How Lego’s UI Component Library Was Revamped for Better Frontend Efficiency
The 2020 Lego V2.0 redesign overhauled the multi‑terminal UI component library by redefining user roles, restructuring site architecture, simplifying visuals, improving component search and drag‑and‑drop adaptability, and establishing clear motion design principles to enhance developer productivity and overall user experience.
Background
Lego aims to build an enterprise‑grade UI component library supporting multiple terminals, scenarios, and tech stacks. In 2020, the V2.0 release brought a comprehensive upgrade for PC components.
User Classification
V1.0 targeted product designers, UI/UE designers, and front‑end engineers, but the experience was cumbersome and only marginally usable. Research showed developers were the primary users, so V2.0 reordered the target audience to Front‑end Development > Designers > Product Managers.
User Behavior
Competitor analysis revealed that users mainly repeat a search‑for‑component‑and‑code workflow, often hindered by extensive interaction design notes that distract developers.
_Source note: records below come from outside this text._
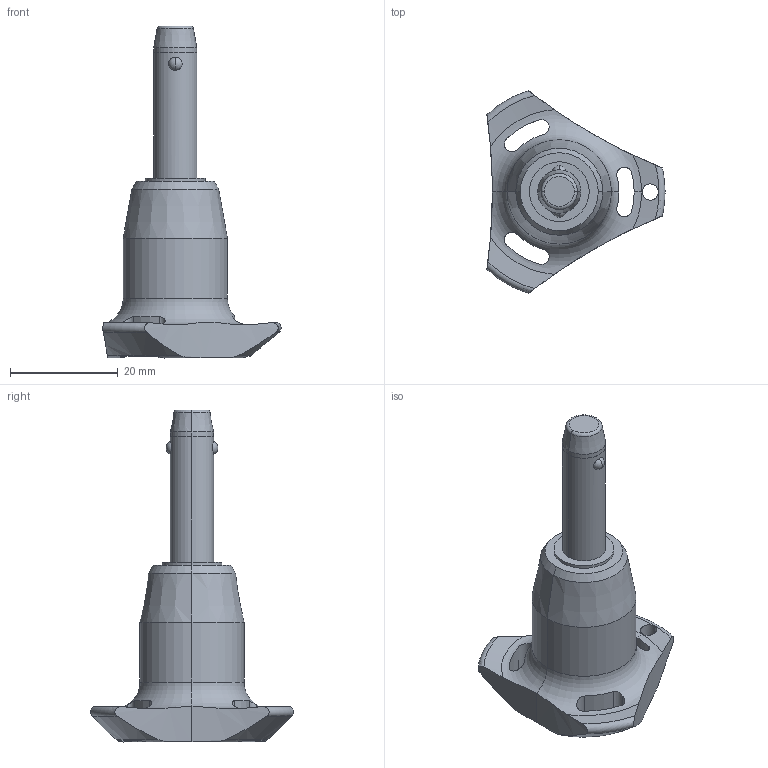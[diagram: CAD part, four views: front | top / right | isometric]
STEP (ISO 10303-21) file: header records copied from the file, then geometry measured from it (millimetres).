
FILE_DESCRIPTION (( 'STEP AP203' ), '1' );
FILE_NAME ('QR1736.M08-020-T.step', '2025-11-13T11:53:42', ( '' ), ( '' ), 'SwSTEP 2.0', 'SolidWorks 2019', '' );
FILE_SCHEMA (( 'CONFIG_CONTROL_DESIGN' ));
Length unit declared in the file: millimetre
Products named in the file (1): QR1736.M08-020-T
Bounding box: 33 x 37.51 x 61.5 mm (x, y, z)
Volume: 11655.3 mm3; surface area: 4557.4 mm2
Topology: 1 solids, 1 shells, 68 faces, 180 edges, 113 vertices
Faces by surface type: cylinder 32, cone 14, torus 11, sphere 6, plane 5
Entity records: 2826 total; most frequent: CARTESIAN_POINT 1086, ORIENTED_EDGE 360, DIRECTION 347, EDGE_CURVE 180, AXIS2_PLACEMENT_3D 154, VERTEX_POINT 113, CIRCLE 85, EDGE_LOOP 75
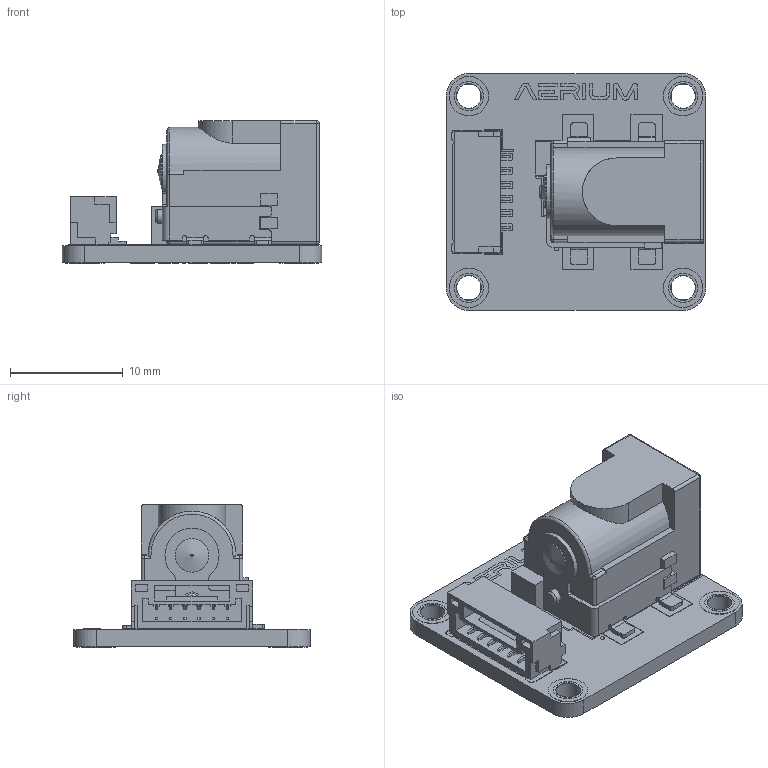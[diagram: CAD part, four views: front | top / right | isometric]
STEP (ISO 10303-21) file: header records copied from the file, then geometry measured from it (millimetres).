
FILE_DESCRIPTION(/* description */ ('KiCad electronic assembly'),/* implementation_level */ '2;1');
FILE_NAME(/* name */ 'Aerium_Barrel_3D_Model.step',/* time_stamp */ '2026-09-20T16:09:43+03:00',/* author */ (''),/* organization */ (''),/* preprocessor_version */ 'ST-DEVELOPER v20.1',/* originating_system */ 'Autodesk Translation Framework v15.8.0.0',/* authorisation */ '');
FILE_SCHEMA (('AUTOMOTIVE_DESIGN { 1 0 10303 214 3 1 1 }'));
Length unit declared in the file: millimetre
Products named in the file (7): 2026-09-20-13-02-47-060; 2026-09-20-13-02-47-061; 2026-09-20-13-02-47-062; 2026-09-20-13-02-47-063; 2026-09-20-13-02-47-064; 2026-09-20-13-02-47-065; 2026-09-20-13-02-47-066
Assembly tree (6 placements, depth 2):
  2026-09-20-13-02-47-060
    2026-09-20-13-02-47-061
    2026-09-20-13-02-47-062
    2026-09-20-13-02-47-063
    2026-09-20-13-02-47-064
    2026-09-20-13-02-47-065
    2026-09-20-13-02-47-066
Bounding box: 23 x 21 x 12.67 mm (x, y, z)
Volume: 1603.4 mm3; surface area: 3374.2 mm2
Topology: 35 solids, 60 shells, 820 faces, 2525 edges, 1796 vertices
Faces by surface type: plane 595, cylinder 189, sphere 14, bspline 12, torus 9, cone 1
Full cylindrical faces by diameter (mm): 1.2 x1, 1.3 x1, 1.5 x2, 1.7 x1, 1.8 x1, 2 x3, 2.05 x2, 2.15 x20, 2.2 x8, 2.6 x8, 3 x5, 3.05 x1, 3.5 x8, 6.5 x1
Entity records: 30008 total; most frequent: CARTESIAN_POINT 6602, DIRECTION 4557, ORIENTED_EDGE 4550, EDGE_CURVE 2512, LINE 2035, VECTOR 2035, VERTEX_POINT 1796, AXIS2_PLACEMENT_3D 1261

To improve browsing efficiency, information density needed to increase and irrelevant content be removed.
Site Reconstruction
The site structure was dismantled and rebuilt to address the new user focus:
Added a component search and overview page to boost retrieval efficiency.
Removed interaction design notes from component detail pages to reduce developer distraction and increase instance density.
Re‑organized the extracted design notes by component relevance, creating systematic design guidance for newcomers and B‑side designers.
Presentation Layer
The homepage adopted a light, flat style, abandoning the heavy 3D look of V1.0. Bright colors, no scrolling design, and a prominent “Start Using” button shift focus toward immediate product interaction.
Navigation Updates
Top global navigation now includes a sticky global search and a categorized menu to guide users to relevant pages. The left‑side menu was flattened, reducing hierarchy perception, shortening menu height, and placing English component names first for better developer recognition. Components are now sorted alphabetically.
Component Design
V2.0 upgrades focus on visual simplicity and practical adaptability.
Lightweight Simplicity
Visual styles were trimmed: gradients, strokes, inner shadows, and drop shadows were removed, yielding a cleaner look, lower development cost, and higher extensibility.
Drag‑and‑Use Adaptation
Components now automatically adapt to layout and size, eliminating the need for manual unbinding and resizing, thus reducing risk of inconsistent standards.
Variable Management
Sketch 69+ introduced flexible color palette management, which the component library now supports.
Slicing Iteration
Icons have been linked to layer styles, standardized with English naming, allowing direct use after upload without extra processing.
Motion Design Principles
V1.0 lacked clear motion guidelines. V2.0 establishes three core principles:
Natural : Motions should follow real‑world physics for intuitive understanding.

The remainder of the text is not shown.